[Dataset records]
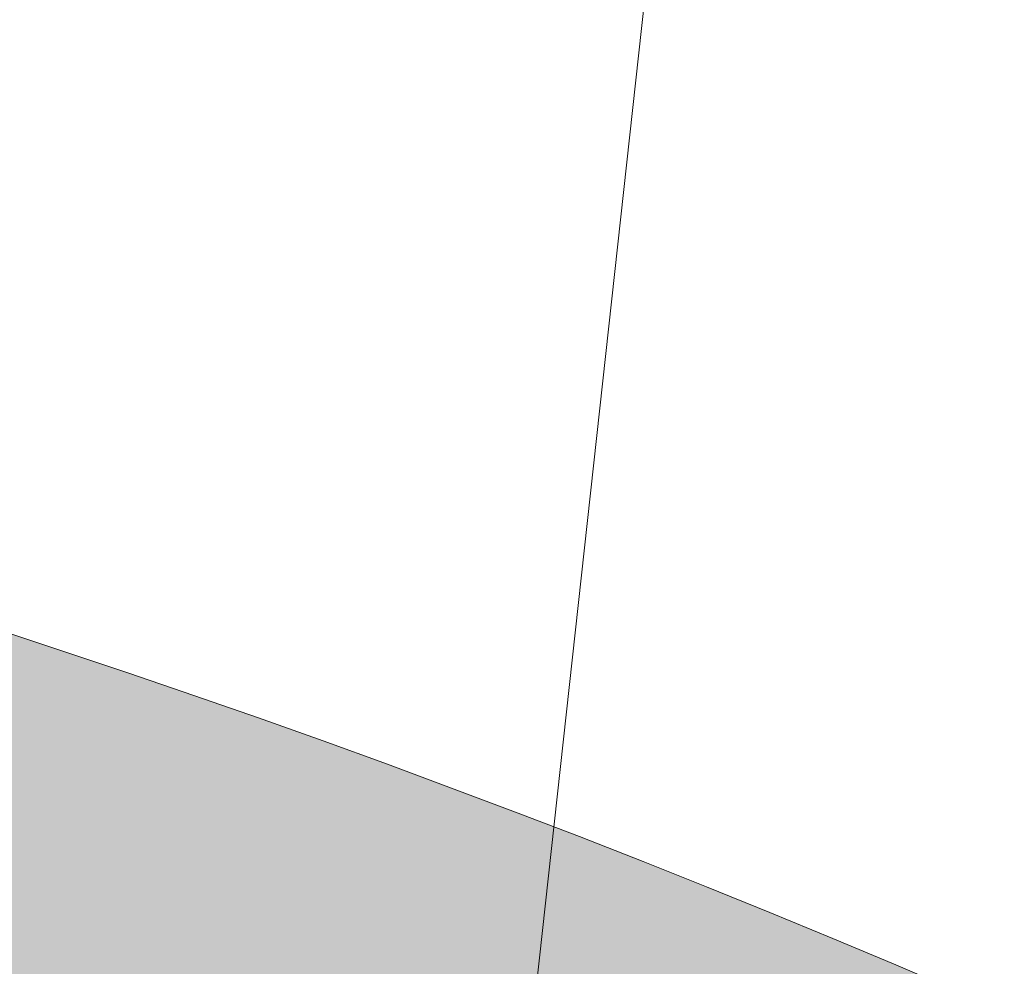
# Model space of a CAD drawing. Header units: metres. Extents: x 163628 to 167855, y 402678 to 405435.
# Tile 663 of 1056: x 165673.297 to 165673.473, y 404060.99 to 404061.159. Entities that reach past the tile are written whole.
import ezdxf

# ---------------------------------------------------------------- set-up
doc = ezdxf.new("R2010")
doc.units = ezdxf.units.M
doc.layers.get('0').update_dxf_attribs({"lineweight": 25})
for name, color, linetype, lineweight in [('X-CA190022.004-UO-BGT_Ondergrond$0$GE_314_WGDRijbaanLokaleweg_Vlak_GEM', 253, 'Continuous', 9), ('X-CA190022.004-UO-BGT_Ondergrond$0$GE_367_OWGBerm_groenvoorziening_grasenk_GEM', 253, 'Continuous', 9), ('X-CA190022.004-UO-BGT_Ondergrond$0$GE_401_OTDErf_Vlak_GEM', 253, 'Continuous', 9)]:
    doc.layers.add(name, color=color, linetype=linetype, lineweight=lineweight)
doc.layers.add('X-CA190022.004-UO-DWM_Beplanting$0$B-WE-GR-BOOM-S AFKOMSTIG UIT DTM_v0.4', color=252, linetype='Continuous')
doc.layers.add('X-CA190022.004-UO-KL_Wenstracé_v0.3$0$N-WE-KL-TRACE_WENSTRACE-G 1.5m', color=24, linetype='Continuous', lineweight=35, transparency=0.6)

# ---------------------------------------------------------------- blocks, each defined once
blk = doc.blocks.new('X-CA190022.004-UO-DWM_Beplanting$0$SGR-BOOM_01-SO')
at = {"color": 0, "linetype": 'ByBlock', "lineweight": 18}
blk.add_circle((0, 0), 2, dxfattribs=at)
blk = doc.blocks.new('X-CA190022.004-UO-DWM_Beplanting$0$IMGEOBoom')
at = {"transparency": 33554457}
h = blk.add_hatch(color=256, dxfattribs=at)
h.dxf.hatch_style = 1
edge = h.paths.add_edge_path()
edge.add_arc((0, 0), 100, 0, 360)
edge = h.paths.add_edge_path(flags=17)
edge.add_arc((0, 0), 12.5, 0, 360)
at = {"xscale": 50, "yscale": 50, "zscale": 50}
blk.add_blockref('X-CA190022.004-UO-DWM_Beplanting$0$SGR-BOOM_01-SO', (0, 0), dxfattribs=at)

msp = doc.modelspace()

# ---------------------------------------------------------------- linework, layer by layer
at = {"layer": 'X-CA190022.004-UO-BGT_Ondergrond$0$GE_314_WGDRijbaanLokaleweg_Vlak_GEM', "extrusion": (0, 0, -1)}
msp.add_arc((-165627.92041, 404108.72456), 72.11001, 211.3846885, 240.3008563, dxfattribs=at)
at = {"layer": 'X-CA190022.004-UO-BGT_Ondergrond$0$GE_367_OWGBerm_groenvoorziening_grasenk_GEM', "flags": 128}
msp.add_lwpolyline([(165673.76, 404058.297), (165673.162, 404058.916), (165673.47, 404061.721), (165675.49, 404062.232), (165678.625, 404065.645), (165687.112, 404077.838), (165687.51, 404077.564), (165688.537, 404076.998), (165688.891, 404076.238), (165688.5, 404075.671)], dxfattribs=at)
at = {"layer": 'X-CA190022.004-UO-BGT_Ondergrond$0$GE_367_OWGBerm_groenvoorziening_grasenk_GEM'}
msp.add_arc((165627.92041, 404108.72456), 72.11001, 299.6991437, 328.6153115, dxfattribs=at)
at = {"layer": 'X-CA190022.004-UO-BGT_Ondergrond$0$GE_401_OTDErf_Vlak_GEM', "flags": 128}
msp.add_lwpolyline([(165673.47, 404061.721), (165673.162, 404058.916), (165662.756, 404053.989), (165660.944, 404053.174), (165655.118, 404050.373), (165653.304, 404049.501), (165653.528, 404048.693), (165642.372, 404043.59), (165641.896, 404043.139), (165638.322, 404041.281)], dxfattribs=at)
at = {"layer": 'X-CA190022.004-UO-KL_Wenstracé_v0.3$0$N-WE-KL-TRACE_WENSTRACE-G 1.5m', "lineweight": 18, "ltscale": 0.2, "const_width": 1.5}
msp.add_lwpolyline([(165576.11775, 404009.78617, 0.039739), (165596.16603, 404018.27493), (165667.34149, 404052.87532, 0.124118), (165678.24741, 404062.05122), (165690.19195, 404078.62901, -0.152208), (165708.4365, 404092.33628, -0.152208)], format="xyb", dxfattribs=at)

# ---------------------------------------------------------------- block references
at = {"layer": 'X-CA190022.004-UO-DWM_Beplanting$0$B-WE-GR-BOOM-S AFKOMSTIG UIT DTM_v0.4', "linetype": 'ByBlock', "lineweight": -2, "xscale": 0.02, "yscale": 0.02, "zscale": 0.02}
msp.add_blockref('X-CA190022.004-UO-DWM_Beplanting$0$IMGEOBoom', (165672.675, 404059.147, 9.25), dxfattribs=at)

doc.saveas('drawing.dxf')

■ WHAT TO PRODUCE: Give back precisely the lines above that start at the line containing "linetype='Continuous', lineweight=35, transparency=0.6)" and end at the line containing "each defined once", inclusive. No other lines belong in the output.

■ WRITTEN REPLY:
doc.layers.add('X-CA190022.004-UO-KL_Wenstracé_v0.3$0$N-WE-KL-TRACE_WENSTRACE-G 1.5m', color=24, linetype='Continuous', lineweight=35, transparency=0.6)

# ---------------------------------------------------------------- blocks, each defined once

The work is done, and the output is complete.